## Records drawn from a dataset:
Content starts

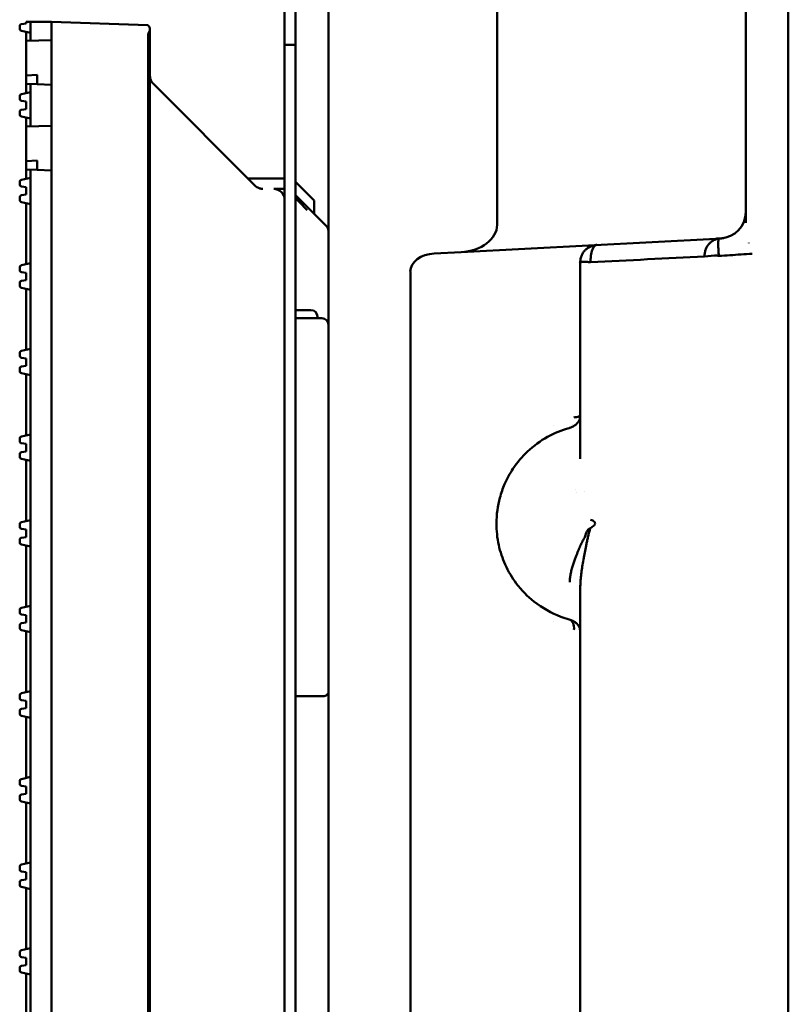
# Model space of a CAD drawing. Header units: millimetres. Extents: x 0 to 14369, y -869 to 2970.
# Tile 391 of 656: x 1703 to 1738, y 2092 to 2137. Entities that reach past the tile are written whole.
import ezdxf

# ---------------------------------------------------------------- set-up
doc = ezdxf.new("R2010")
doc.units = ezdxf.units.MM
doc.header["$LTSCALE"] = 10
doc.layers.add('Sichtbar (ISO)', color=7, linetype='Continuous', lineweight=50)

msp = doc.modelspace()

# ---------------------------------------------------------------- linework, layer by layer
at = {"layer": 'Sichtbar (ISO)'}
for p, q in [((1714.784, 2135.364), (1714.784, 2637.664)), ((1715.284, 2135.364), (1715.284, 2637.664)), ((1737.784, 2209.776), (1737.784, 2044.16)), ((1716.784, 2158.311), (1716.784, 2114.717)), ((1724.484, 2127.154), (1724.484, 2145.874)), ((1735.841, 2145.296), (1735.841, 2127.731)), ((1714.784, 1635.364), (1714.784, 2137.664)), ((1715.284, 1635.364), (1715.284, 2137.664)), ((1702.684, 2136.102), (1702.684, 2136.215)), ((1703.184, 2135.911), (1702.763, 2136.004)), ((1702.77, 2136.314), (1702.984, 2136.344)), ((1702.984, 2136.414), (1702.984, 2136.344)), ((1702.984, 2136.414), (1703.184, 2136.414)), ((1703.184, 2136.414), (1703.184, 2135.911)), ((1704.134, 2136.414), (1703.184, 2136.414)), ((1704.134, 2136.414), (1708.534, 2136.26)), ((1704.134, 2136.414), (1704.134, 2135.915)), ((1704.134, 2135.915), (1704.134, 2136.414)), ((1708.534, 2136.26), (1704.134, 2136.414)), ((1708.634, 2136.157), (1708.534, 2136.26)), ((1708.534, 2136.26), (1708.634, 2136.157)), ((1708.634, 2136.024), (1708.634, 2136.157)), ((1708.634, 2136.157), (1708.634, 2136.024)), ((1708.634, 1637.004), (1708.634, 2136.024)), ((1708.634, 2136.024), (1708.634, 1637.004)), ((1702.984, 2135.544), (1702.984, 2135.955)), ((1704.134, 2135.582), (1702.984, 2135.544)), ((1703.184, 2135.551), (1703.184, 2135.911)), ((1704.134, 1637.112), (1704.134, 2135.915)), ((1704.134, 2135.915), (1704.134, 1637.112)), ((1708.548, 1637.266), (1708.548, 2135.761)), ((1708.548, 2135.761), (1708.548, 1637.266)), ((1702.984, 2135.544), (1702.984, 2135.444)), ((1702.984, 2135.444), (1702.984, 2133.966)), ((1715.284, 2135.364), (1714.784, 2135.364)), ((1702.984, 2133.966), (1703.484, 2134.001)), ((1702.984, 2133.966), (1702.984, 2133.584)), ((1703.484, 2133.667), (1703.484, 2134.001)), ((1702.984, 2133.584), (1703.484, 2133.567)), ((1702.984, 2133.166), (1702.984, 2133.584)), ((1703.184, 2133.211), (1703.184, 2133.577)), ((1703.484, 2133.567), (1703.484, 2133.667)), ((1703.484, 2133.567), (1704.134, 2133.546)), ((1708.781, 2133.596), (1708.781, 2133.596)), ((1713.438, 2128.939), (1708.781, 2133.596)), ((1713.438, 2128.939), (1708.781, 2133.596)), ((1702.684, 2132.907), (1702.684, 2133.02)), ((1702.763, 2133.117), (1703.184, 2133.211)), ((1703.184, 2133.211), (1703.184, 2132.004)), ((1708.634, 2133.243), (1708.634, 2133.243)), ((1708.634, 2133.243), (1708.634, 2133.243)), ((1702.984, 2132.778), (1702.77, 2132.808)), ((1702.77, 2132.407), (1702.984, 2132.437)), ((1702.984, 2132.778), (1702.984, 2132.437)), ((1702.684, 2132.196), (1702.684, 2132.308)), ((1703.184, 2132.004), (1702.763, 2132.098)), ((1702.984, 2131.638), (1702.984, 2132.049)), ((1703.184, 2131.644), (1703.184, 2132.004)), ((1704.134, 2131.676), (1702.984, 2131.638)), ((1702.984, 2131.638), (1702.984, 2131.538)), ((1702.984, 2131.538), (1702.984, 2130.06)), ((1702.984, 2130.06), (1703.484, 2130.095)), ((1702.984, 2130.06), (1702.984, 2129.678)), ((1703.484, 2129.761), (1703.484, 2130.095)), ((1703.484, 2129.661), (1703.484, 2129.761)), ((1702.763, 2129.211), (1703.184, 2129.304)), ((1702.984, 2129.678), (1703.484, 2129.661)), ((1702.984, 2129.26), (1702.984, 2129.678)), ((1703.184, 2129.304), (1703.184, 2129.671)), ((1703.184, 2129.304), (1703.184, 2128.098)), ((1703.484, 2129.661), (1704.134, 2129.639)), ((1713.134, 2129.264), (1713.134, 2129.243)), ((1714.784, 2129.264), (1713.134, 2129.264)), ((1702.684, 2129.001), (1702.684, 2129.113)), ((1702.984, 2128.871), (1702.77, 2128.902)), ((1702.984, 2128.871), (1702.984, 2128.531)), ((1716.134, 2128.264), (1715.284, 2129.114)), ((1702.684, 2128.289), (1702.684, 2128.402)), ((1702.77, 2128.501), (1702.984, 2128.531)), ((1713.791, 2128.793), (1713.791, 2128.793)), ((1713.791, 2128.793), (1713.791, 2128.793)), ((1714.784, 2128.793), (1714.284, 2128.793)), ((1714.284, 2128.793), (1714.784, 2128.793)), ((1716.697, 2127.094), (1715.284, 2128.507)), ((1703.184, 2128.098), (1702.763, 2128.192)), ((1702.984, 2125.354), (1702.984, 2128.143)), ((1703.184, 2125.398), (1703.184, 2128.098)), ((1716.134, 2127.657), (1716.134, 2128.264)), ((1716.697, 2127.094), (1716.697, 2127.094)), ((1722.85, 2125.912), (1734.47, 2126.521)), ((1734.411, 2126.517), (1734.411, 2126.517)), ((1735.984, 2126.325), (1735.984, 2126.322)), ((1721.615, 2125.847), (1722.849, 2125.912)), ((1722.85, 2125.912), (1722.849, 2125.912)), ((1728.646, 2126.103), (1728.646, 2126.102)), ((1702.763, 2125.305), (1703.184, 2125.398)), ((1703.184, 2125.398), (1703.184, 2124.192)), ((1728.284, 2125.427), (1728.284, 2118.44)), ((1728.287, 2125.437), (1728.287, 2125.437)), ((1728.512, 2125.464), (1728.512, 2125.464)), ((1702.684, 2125.094), (1702.684, 2125.207)), ((1702.984, 2124.965), (1702.77, 2124.995)), ((1702.984, 2124.965), (1702.984, 2124.625)), ((1720.524, 2125.018), (1720.524, 1727.189)), ((1702.684, 2124.383), (1702.684, 2124.496)), ((1702.77, 2124.595), (1702.984, 2124.625)), ((1703.184, 2124.192), (1702.763, 2124.285)), ((1702.984, 2121.448), (1702.984, 2124.236)), ((1703.184, 2121.492), (1703.184, 2124.192)), ((1715.984, 2123.264), (1715.284, 2123.264)), ((1715.984, 2123.264), (1715.284, 2123.264)), ((1716.284, 2122.894), (1716.284, 2122.964)), ((1716.284, 2122.964), (1716.284, 2122.894)), ((1716.484, 2122.894), (1715.284, 2122.894)), ((1716.484, 2122.894), (1715.284, 2122.894)), ((1702.684, 2121.188), (1702.684, 2121.301)), ((1702.763, 2121.399), (1703.184, 2121.492)), ((1703.184, 2121.492), (1703.184, 2120.286)), ((1702.984, 2121.059), (1702.77, 2121.089)), ((1702.77, 2120.689), (1702.984, 2120.719)), ((1702.984, 2121.059), (1702.984, 2120.719)), ((1702.684, 2120.477), (1702.684, 2120.59)), ((1703.184, 2120.286), (1702.763, 2120.379)), ((1702.984, 2117.541), (1702.984, 2120.33)), ((1703.184, 2117.586), (1703.184, 2120.286)), ((1728.284, 2116.471), (1728.284, 2118.439)), ((1702.763, 2117.492), (1703.184, 2117.586)), ((1703.184, 2117.586), (1703.184, 2116.379)), ((1727.039, 2117.982), (1727.04, 2117.982)), ((1702.684, 2117.282), (1702.684, 2117.395)), ((1702.984, 2117.153), (1702.77, 2117.183)), ((1702.984, 2117.153), (1702.984, 2116.812)), ((1702.684, 2116.571), (1702.684, 2116.683)), ((1702.77, 2116.782), (1702.984, 2116.812)), ((1703.184, 2116.379), (1702.763, 2116.473)), ((1702.984, 2113.635), (1702.984, 2116.424)), ((1703.184, 2113.679), (1703.184, 2116.379)), ((1728.284, 2116.471), (1728.284, 2116.471)), ((1728.054, 2115.083), (1728.055, 2115.083)), ((1728.102, 2114.961), (1728.102, 2114.961)), ((1728.463, 2114.967), (1728.463, 2114.967)), ((1716.784, 2112.311), (1716.784, 2114.717)), ((1716.784, 2114.717), (1716.784, 2112.311)), ((1702.763, 2113.586), (1703.184, 2113.679)), ((1703.184, 2113.679), (1703.184, 2112.473)), ((1702.684, 2113.376), (1702.684, 2113.488)), ((1702.984, 2113.246), (1702.77, 2113.277)), ((1702.984, 2113.246), (1702.984, 2112.906)), ((1702.684, 2112.664), (1702.684, 2112.777)), ((1702.77, 2112.876), (1702.984, 2112.906)), ((1703.184, 2112.473), (1702.763, 2112.567)), ((1702.984, 2109.729), (1702.984, 2112.518)), ((1703.184, 2109.773), (1703.184, 2112.473)), ((1716.784, 2112.311), (1716.784, 1967.68)), ((1728.054, 2111.944), (1728.054, 2111.944)), ((1728.103, 2112.068), (1728.103, 2112.068)), ((1728.449, 2111.987), (1728.449, 2111.987)), ((1728.464, 2112.061), (1728.464, 2112.061)), ((1728.284, 2110.557), (1728.284, 2110.557)), ((1728.284, 2110.557), (1728.284, 2108.588)), ((1702.684, 2109.469), (1702.684, 2109.582)), ((1702.763, 2109.68), (1703.184, 2109.773)), ((1703.184, 2109.773), (1703.184, 2108.567)), ((1702.984, 2109.34), (1702.77, 2109.37)), ((1702.984, 2109.34), (1702.984, 2109)), ((1727.039, 2109.045), (1727.041, 2109.045)), ((1702.684, 2108.758), (1702.684, 2108.871)), ((1703.184, 2108.567), (1702.763, 2108.66)), ((1702.77, 2108.97), (1702.984, 2109)), ((1702.984, 2105.823), (1702.984, 2108.611)), ((1728.284, 2108.588), (1728.284, 2043.662)), ((1703.184, 2105.867), (1703.184, 2108.567)), ((1728.284, 2106.68), (1728.284, 2106.68)), ((1702.684, 2105.563), (1702.684, 2105.676)), ((1702.763, 2105.774), (1703.184, 2105.867)), ((1702.984, 2105.434), (1702.77, 2105.464)), ((1703.184, 2105.867), (1703.184, 2104.661)), ((1715.284, 2105.641), (1716.484, 2105.641)), ((1716.484, 2105.641), (1715.284, 2105.641)), ((1702.77, 2105.064), (1702.984, 2105.094)), ((1702.984, 2105.434), (1702.984, 2105.094)), ((1702.684, 2104.852), (1702.684, 2104.965)), ((1703.184, 2104.661), (1702.763, 2104.754)), ((1702.984, 2101.912), (1702.984, 2104.705)), ((1703.184, 2101.957), (1703.184, 2104.661)), ((1728.284, 2103.848), (1728.284, 2103.848)), ((1728.284, 2102.852), (1728.284, 2102.852)), ((1702.763, 2101.863), (1703.184, 2101.957)), ((1703.184, 2101.957), (1703.184, 2100.75)), ((1702.684, 2101.653), (1702.684, 2101.766)), ((1702.984, 2101.524), (1702.77, 2101.554)), ((1702.984, 2101.524), (1702.984, 2101.183)), ((1702.684, 2100.942), (1702.684, 2101.054)), ((1702.77, 2101.153), (1702.984, 2101.183)), ((1703.184, 2100.75), (1702.763, 2100.844)), ((1702.984, 2098.006), (1702.984, 2100.795)), ((1703.184, 2098.05), (1703.184, 2100.75)), ((1702.684, 2097.747), (1702.684, 2097.859)), ((1702.763, 2097.957), (1703.184, 2098.05)), ((1703.184, 2098.05), (1703.184, 2096.844)), ((1702.984, 2097.617), (1702.77, 2097.648)), ((1702.984, 2097.617), (1702.984, 2097.277)), ((1702.684, 2097.035), (1702.684, 2097.148)), ((1703.184, 2096.844), (1702.763, 2096.938)), ((1702.77, 2097.247), (1702.984, 2097.277)), ((1702.984, 2094.1), (1702.984, 2096.889)), ((1703.184, 2094.144), (1703.184, 2096.844)), ((1702.684, 2093.84), (1702.684, 2093.953)), ((1702.763, 2094.051), (1703.184, 2094.144)), ((1703.184, 2094.144), (1703.184, 2092.938)), ((1702.984, 2093.711), (1702.77, 2093.741)), ((1702.77, 2093.341), (1702.984, 2093.371)), ((1702.984, 2093.711), (1702.984, 2093.371)), ((1702.684, 2093.129), (1702.684, 2093.242)), ((1703.184, 2092.938), (1702.763, 2093.031)), ((1702.984, 2090.194), (1702.984, 2092.982)), ((1703.184, 2090.238), (1703.184, 2092.938))]:
    msp.add_line(p, q, dxfattribs=at)
for centre, radius, start, end in [((1702.784, 2136.215), 0.1, 98, 180), ((1702.784, 2136.102), 0.1, 180, 257.5), ((1702.784, 2133.02), 0.1, 102.5, 180), ((1702.784, 2132.907), 0.1, 180, 262), ((1702.784, 2132.308), 0.1, 98, 180), ((1702.784, 2132.196), 0.1, 180, 257.5), ((1702.784, 2129.113), 0.1, 102.5, 180), ((1702.784, 2129.001), 0.1, 180, 262), ((1702.784, 2128.402), 0.1, 98, 180), ((1714.284, 2128.293), 0.5, 0, 90), ((1714.284, 2128.293), 0.5, 0, 90), ((1702.784, 2128.289), 0.1, 180, 257.5), ((1734.641, 2127.731), 1.2, 273, 0), ((1716.484, 2126.882), 0.3, 44.9321, 45.0088), ((1716.484, 2126.882), 0.3, 44.8887, 44.986), ((1716.484, 2126.882), 0.3, 0, 44.9321), ((1716.484, 2126.882), 0.3, 0, 44.8887), ((1702.784, 2125.207), 0.1, 102.5, 180), ((1702.784, 2125.094), 0.1, 180, 262), ((1702.784, 2124.496), 0.1, 98, 180), ((1702.784, 2124.383), 0.1, 180, 257.5), ((1715.984, 2122.964), 0.3, 0, 90), ((1715.984, 2122.964), 0.3, 0, 90), ((1716.484, 2122.594), 0.3, 0, 90), ((1716.484, 2122.594), 0.3, 0, 90), ((1702.784, 2121.301), 0.1, 102.5, 180), ((1702.784, 2121.188), 0.1, 180, 262), ((1702.784, 2120.59), 0.1, 98, 180), ((1702.784, 2120.477), 0.1, 180, 257.5), ((1727.784, 2118.509), 0.5, 289.0308, 289.0434), ((1702.784, 2117.395), 0.1, 102.5, 180), ((1702.784, 2117.282), 0.1, 180, 262), ((1702.784, 2116.683), 0.1, 98, 180), ((1702.784, 2116.571), 0.1, 180, 257.5), ((1702.784, 2113.488), 0.1, 102.5, 180), ((1702.784, 2113.376), 0.1, 180, 262), ((1702.784, 2112.777), 0.1, 98, 180), ((1702.784, 2112.664), 0.1, 180, 257.5), ((1702.784, 2109.582), 0.1, 102.5, 180), ((1702.784, 2109.469), 0.1, 180, 262), ((1702.784, 2108.871), 0.1, 98, 180), ((1702.784, 2108.758), 0.1, 180, 257.5), ((1702.784, 2105.676), 0.1, 102.5, 180), ((1702.784, 2105.563), 0.1, 180, 262), ((1702.784, 2104.965), 0.1, 98, 180), ((1702.784, 2104.852), 0.1, 180, 257.5), ((1702.784, 2101.766), 0.1, 102.5, 180), ((1702.784, 2101.653), 0.1, 180, 262), ((1702.784, 2101.054), 0.1, 98, 180), ((1702.784, 2100.942), 0.1, 180, 257.5), ((1702.784, 2097.859), 0.1, 102.5, 180), ((1702.784, 2097.747), 0.1, 180, 262), ((1702.784, 2097.148), 0.1, 98, 180), ((1702.784, 2097.035), 0.1, 180, 257.5), ((1702.784, 2093.953), 0.1, 102.5, 180), ((1702.784, 2093.84), 0.1, 180, 262), ((1702.784, 2093.242), 0.1, 98, 180), ((1702.784, 2093.129), 0.1, 180, 257.5)]:
    msp.add_arc(centre, radius, start, end, dxfattribs=at)
for centre, major_axis, ratio, start_param, end_param in [((1709.11, 2135.74), (-0.555, 0.1), 0.884462, 5.879949, 6.440839), ((1709.11, 2135.74), (-0.555, 0.1), 0.884462, 5.879949, 6.440839), ((1713.084, 2128.586), (0.353, 0.354), 0.57735, 6.283033, 6.283074), ((1713.084, 2128.586), (0.353, 0.354), 0.57735, 6.283072, 6.283115), ((1722.787, 2127.11), (1.696, 0.089), 0.706622, 4.711596, 6.24551), ((1734.69, 2125.731), (-0.136, 2.596), 0.435252, 1.25803, 1.258168), ((1721.655, 2125.048), (1.131, 0.059), 0.706622, 1.56961, 3.104577), ((1727.776, 2118.448), (0.508, 0), 0.98626, 6.266113, 6.267086), ((1727.638, 2108.665), (0.134, 0.482), 0.693731, 4.9036, 6.282179)]:
    msp.add_ellipse(centre, major_axis=major_axis, ratio=ratio, start_param=start_param, end_param=end_param, dxfattribs=at)
for points, knots in [([(1708.634, 2133.95), (1708.634, 2133.913), (1708.638, 2133.873), (1708.649, 2133.828), (1708.661, 2133.783), (1708.682, 2133.732), (1708.706, 2133.692), (1708.725, 2133.661), (1708.744, 2133.636), (1708.764, 2133.614)], [0, 0, 0, 0, 0.3333333, 0.3333333, 0.3333333, 0.6666667, 0.6666667, 0.6666667, 0.9259182, 0.9259182, 0.9259182, 0.9259182]), ([(1708.764, 2133.614), (1708.744, 2133.636), (1708.725, 2133.661), (1708.706, 2133.692), (1708.682, 2133.732), (1708.661, 2133.783), (1708.649, 2133.828), (1708.639, 2133.871), (1708.635, 2133.908), (1708.634, 2133.943)], [0.0728127, 0.0728127, 0.0728127, 0.0728127, 0.3333333, 0.3333333, 0.3333333, 0.6666667, 0.6666667, 0.6666667, 0.979937, 0.979937, 0.979937, 0.979937]), ([(1713.438, 2128.939), (1713.459, 2128.918), (1713.483, 2128.898), (1713.54, 2128.859), (1713.575, 2128.84), (1713.616, 2128.825)], [0, 0, 0, 0, 0.0153841, 0.0153841, 0.03140815, 0.03140815, 0.03140815, 0.03140815]), ([(1713.438, 2128.939), (1713.459, 2128.918), (1713.483, 2128.897), (1713.541, 2128.858), (1713.576, 2128.84), (1713.616, 2128.825)], [0, 0, 0, 0, 0.01564208, 0.01564208, 0.031402, 0.031402, 0.031402, 0.031402]), ([(1713.616, 2128.824), (1713.626, 2128.821), (1713.636, 2128.817), (1713.647, 2128.814), (1713.688, 2128.802), (1713.737, 2128.793), (1713.791, 2128.793)], [0.5791796, 0.5791796, 0.5791796, 0.5791796, 0.6666667, 0.6666667, 0.6666667, 0.9993576, 0.9993576, 0.9993576, 0.9993576]), ([(1713.791, 2128.793), (1713.768, 2128.793), (1713.746, 2128.794), (1713.725, 2128.797), (1713.696, 2128.801), (1713.669, 2128.807), (1713.646, 2128.814), (1713.644, 2128.815), (1713.642, 2128.815), (1713.641, 2128.816), (1713.634, 2128.818), (1713.627, 2128.821), (1713.62, 2128.823)], [0.0005739, 0.0005739, 0.0005739, 0.0005739, 0.1393726, 0.1393726, 0.1393726, 0.3333333, 0.3333333, 0.3333333, 0.3479752, 0.3479752, 0.3479752, 0.408749, 0.408749, 0.408749, 0.408749]), ([(1715.284, 2128.367), (1715.438, 2128.209), (1715.615, 2128.028), (1715.814, 2127.823), (1715.816, 2127.821)], [0.3414318, 0.3414318, 0.3414318, 0.3414318, 0.6666667, 0.6698795, 0.6698795, 0.6698795, 0.6698795]), ([(1735.838, 2127.628), (1735.839, 2127.637), (1735.839, 2127.646), (1735.84, 2127.659), (1735.84, 2127.664), (1735.841, 2127.673), (1735.841, 2127.676), (1735.841, 2127.684), (1735.841, 2127.686), (1735.841, 2127.691), (1735.841, 2127.692), (1735.841, 2127.692)], [0, 0, 0, 0, 0.00341789, 0.00341789, 0.00646894, 0.00646894, 0.0101462, 0.0101462, 0.01685898, 0.01685898, 0.02859062, 0.02859062, 0.02859062, 0.02859062]), ([(1735.841, 2127.688), (1735.841, 2127.683), (1735.841, 2127.672), (1735.841, 2127.638), (1735.841, 2127.616), (1735.841, 2127.589)], [0.04248558, 0.04248558, 0.04248558, 0.04248558, 0.07320838, 0.07320838, 0.10524303, 0.10524303, 0.10524303, 0.10524303]), ([(1735.841, 2127.25), (1735.841, 2127.333), (1735.841, 2127.404), (1735.841, 2127.464), (1735.841, 2127.513), (1735.841, 2127.554), (1735.841, 2127.589)], [0, 0, 0, 0, 0.25, 0.25, 0.25, 0.4530356, 0.4530356, 0.4530356, 0.4530356]), ([(1729.042, 2126.236), (1729.02, 2126.235), (1728.973, 2126.23), (1728.905, 2126.218), (1728.767, 2126.175), (1728.643, 2126.107), (1728.525, 2126.016), (1728.429, 2125.912), (1728.351, 2125.773), (1728.323, 2125.694), (1728.3, 2125.61), (1728.287, 2125.523), (1728.285, 2125.475), (1728.284, 2125.451), (1728.284, 2125.435), (1728.284, 2125.427)], [0.0000008, 0.0000008, 0.0000008, 0.0000008, 0.0738501, 0.1478406, 0.2525801, 0.3568922, 0.4594548, 0.5595982, 0.6593242, 0.7304967, 0.8021993, 0.8746998, 0.9264236, 0.9631597, 0.9999994, 0.9999994, 0.9999994, 0.9999994]), ([(1729.042, 2126.236), (1729.032, 2126.236), (1729.021, 2126.234), (1729.011, 2126.231), (1729.001, 2126.228), (1728.991, 2126.224), (1728.981, 2126.218), (1728.961, 2126.207), (1728.943, 2126.192), (1728.925, 2126.172), (1728.907, 2126.152), (1728.89, 2126.127), (1728.874, 2126.099), (1728.858, 2126.07), (1728.844, 2126.038), (1728.831, 2126.001), (1728.817, 2125.965), (1728.806, 2125.926), (1728.796, 2125.883), (1728.786, 2125.841), (1728.777, 2125.795), (1728.771, 2125.748), (1728.768, 2125.724), (1728.765, 2125.7), (1728.763, 2125.676), (1728.761, 2125.651), (1728.759, 2125.627), (1728.758, 2125.601), (1728.757, 2125.576), (1728.756, 2125.551), (1728.756, 2125.525), (1728.756, 2125.512), (1728.756, 2125.499), (1728.757, 2125.486), (1728.757, 2125.48), (1728.757, 2125.473), (1728.757, 2125.467), (1728.757, 2125.46), (1728.757, 2125.454), (1728.757, 2125.447)], [0, 0, 0, 0, 0.061855, 0.061855, 0.061855, 0.124044, 0.124044, 0.124044, 0.249637, 0.249637, 0.249637, 0.376845, 0.376845, 0.376845, 0.504447, 0.504447, 0.504447, 0.630488, 0.630488, 0.630488, 0.754511, 0.754511, 0.754511, 0.816015, 0.816015, 0.816015, 0.877272, 0.877272, 0.877272, 0.938492, 0.938492, 0.938492, 0.969188, 0.969188, 0.969188, 0.984575, 0.984575, 0.984575, 1, 1, 1, 1]), ([(1733.958, 2125.712), (1733.958, 2125.727), (1733.959, 2125.759), (1733.963, 2125.805), (1733.973, 2125.894), (1734.015, 2126.051), (1734.083, 2126.185), (1734.171, 2126.302), (1734.278, 2126.396), (1734.399, 2126.466), (1734.488, 2126.497), (1734.534, 2126.508)], [0, 0, 0, 0, 0.0579669, 0.1153445, 0.1955218, 0.3074865, 0.4196905, 0.5334082, 0.6489448, 0.7657654, 0.8830302, 0.8830302, 0.8830302, 0.8830302]), ([(1734.704, 2126.533), (1734.704, 2126.532), (1734.699, 2126.532), (1734.688, 2126.532), (1734.685, 2126.532), (1734.681, 2126.532), (1734.677, 2126.531), (1734.668, 2126.531), (1734.657, 2126.53), (1734.643, 2126.53), (1734.629, 2126.529), (1734.614, 2126.528), (1734.596, 2126.527), (1734.588, 2126.527), (1734.579, 2126.526), (1734.57, 2126.526), (1734.541, 2126.524), (1734.507, 2126.522), (1734.47, 2126.521)], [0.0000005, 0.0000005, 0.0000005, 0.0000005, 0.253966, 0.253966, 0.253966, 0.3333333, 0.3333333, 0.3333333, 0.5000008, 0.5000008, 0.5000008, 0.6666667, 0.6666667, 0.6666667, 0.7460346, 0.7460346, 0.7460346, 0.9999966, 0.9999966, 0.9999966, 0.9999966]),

Content ends

What is the number of lines in the data holding the word "dxfattribs"? Reply with that number only.

## Output for this exercise:
3